Auerbach/Rodewisch. Der Name ist Programm. Vor zwei Jahren gründete Brigitte Mothes die Selbsthilfegruppe "Aktiv gegen Depression". Seitdem versucht die Auerbacherin zusammen mit ihren Mitstreitern den Alltag und die Tücken der Erkrankung zu meistern. "Wir sind für einen offenen Umgang und gegen eine Stigmatisierung der Betroffenen." In der Vergangenheit knüpfte die Initiatorin ein Netzwerk mit vielen Partnern. Mit der nächsten Veranstaltung will die Gruppe erneut ein Zeichen setzen. Am 25. Oktober (18 Uhr) wird ins Sozialtherapeutische Zentrum des Sächsischen Krankenhauses Rodewisch eingeladen.

Schaffen sie mehr als 100 Gäste?

Vor Ort wird ein Dokumentarfilm rund um das Thema Depression gezeigt. Im Anschluss können die Gäste an einer Podiumsdiskussion mit Experten teilnehmen. Mit dabei ist unter anderem der Filmemacher Axel Schmidt. Als Arzt für Psychiatrie und Psychotherapie steht er Rede und Antwort. Die Messlatte der Organisatoren liegt hoch. Bei einer von der Selbsthilfegruppe initiierten Lesung im März dieses Jahres im Auerbacher Begegnungszentrum "Zebra" waren etwa 100 interessierte Gäste dabei. "Das wollen wir gern toppen."

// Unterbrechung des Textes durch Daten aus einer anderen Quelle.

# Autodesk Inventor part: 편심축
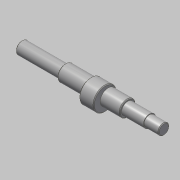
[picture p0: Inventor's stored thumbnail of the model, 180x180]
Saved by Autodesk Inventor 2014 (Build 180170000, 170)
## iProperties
Created: 2016-05
Part Number: 편심축
Document SubType Name: Modeling
Designer: mduedu
Density: 7.86 g/cm^3
Material: 강철, 연강
Appearance: Steel
Author: mduedu
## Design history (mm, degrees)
sketch "스케치1"
  geometry: L1 (-38, 11)-(-38, 8.5); L2 (48, 11)-(48, 8.5); L3 (-98, 0)-(98, 0); L4 (-38, 11)-(48, 11); L5 (48, 11)-(48, 8.5); L6 (-38, 11)-(-38, 8.5); L7 (-38, 8.5)-(-98, 8.5); L8 (-98, 8.5)-(-98, 0); L9 (48, 8.5)-(78, 8.5); L10 (98, 7.5)-(98, 0); L11 (78, 8.5)-(78, 7.5); L12 (78, 7.5)-(98, 7.5); 1 further point
  constraints: 24 end point, 9 perpendicular, 2 midpoint, 1 collinear, 1 horizontal
  dimensions: "d0" = 22 diameter of L4 L3; "d1" = 17 diameter of L7 L3; "d2" = 60 distance between parallel lines of L8 L1; "d3" = 50 distance between parallel lines of L10 L2; "d4" = 15 diameter of L12 L3; "d5" = 20 distance between parallel lines of L10 L11; "d29" = 86 distance of L1.start L2.start
revolve "회전1" stored, may be unused: angle "d6" = 90 deg
node "작업 평면7"
node "작업 평면9"
sketch "스케치2"
  geometry: C1 r 11 at (0, 0); C2 r 16 at (0, -4); C3 r 11 at (0, 0); 2 further points
  constraints: 3 centre point, 2 coincident, 1 concentric, 1 vertical alignment
  dimensions: "d9" = 4 distance of point (0, 0) C2.centre; "d10" = 32 diameter of C2
extrude "돌출1" join sketch "스케치2" stored distance "d11" = 20; taper "d12" = 0 deg
chamfer "모따기1" distance "d17" = 1; stored, may be unused: second distance "d18" = 2, angle "d19" = 45 deg
node "작업 평면4"
sketch "스케치4"
  geometry: L1 (-10, -6.5)-(-10, 6.5) reference; L2 (-5, 2.5)-(5, 2.5); L3 (5, -2.5)-(-5, -2.5); A1 r 2.5 centre (5, 0) between (5, -2.5) and (5, 2.5); A2 r 2.5 centre (-5, 0) between (-5, 2.5) and (-5, -2.5); 2 further points
  constraints: 4 end point, 4 point on circle, 4 tangent, 2 centre point, 1 horizontal alignment, 1 midpoint, 1 parallel, 1 perpendicular
  dimensions: "d20" = 5 distance between parallel lines of L3 L2; "d21" = 15 dimension on A1 A2; "d22" = 2.5 distance edge to line of A2 L1
extrude "돌출3" cut sketch "스케치4" distance "d23" = 3; taper "d24" = 0 deg
node "작업 평면5"
sketch "스케치5"
  geometry: L1 (30, 7.5)-(30, -7.5) reference; L2 (30, 2.5)-(12.5, 2.5); L3 (12.5, -2.5)-(30, -2.5); A1 r 2.5 centre (12.5, 0) between (12.5, 2.5) and (12.5, -2.5); 2 further points
  constraints: 4 end point, 2 perpendicular, 2 point on circle, 2 point on line, 2 tangent, 1 centre point, 1 horizontal alignment, 1 midpoint
  dimensions: "d25" = 5 distance between parallel lines of L3 L2; "d26" = 20 dimension on A1 L1
extrude "돌출4" cut sketch "스케치5" distance "d27" = 3; taper "d28" = 0 deg
node "솔리드1"
other parameters: "d31" = -37

Diesmal findet die Veranstaltung im großen Festsaal des Krankenhauses statt. Angekündigt hat sich auch Klinik-Chef Michael Riedel. Schon seit längerer Zeit kooperiert der Experte mit der Gruppe. Regelmäßig besuchen die Mitglieder den Krankenhaus-Komplex an der Bahnhofstraße. Für die bevorstehende Filmvorführung ist eine Anmeldung (Tel. 0176/70761950) erforderlich. Der Eintritt kostet drei Euro.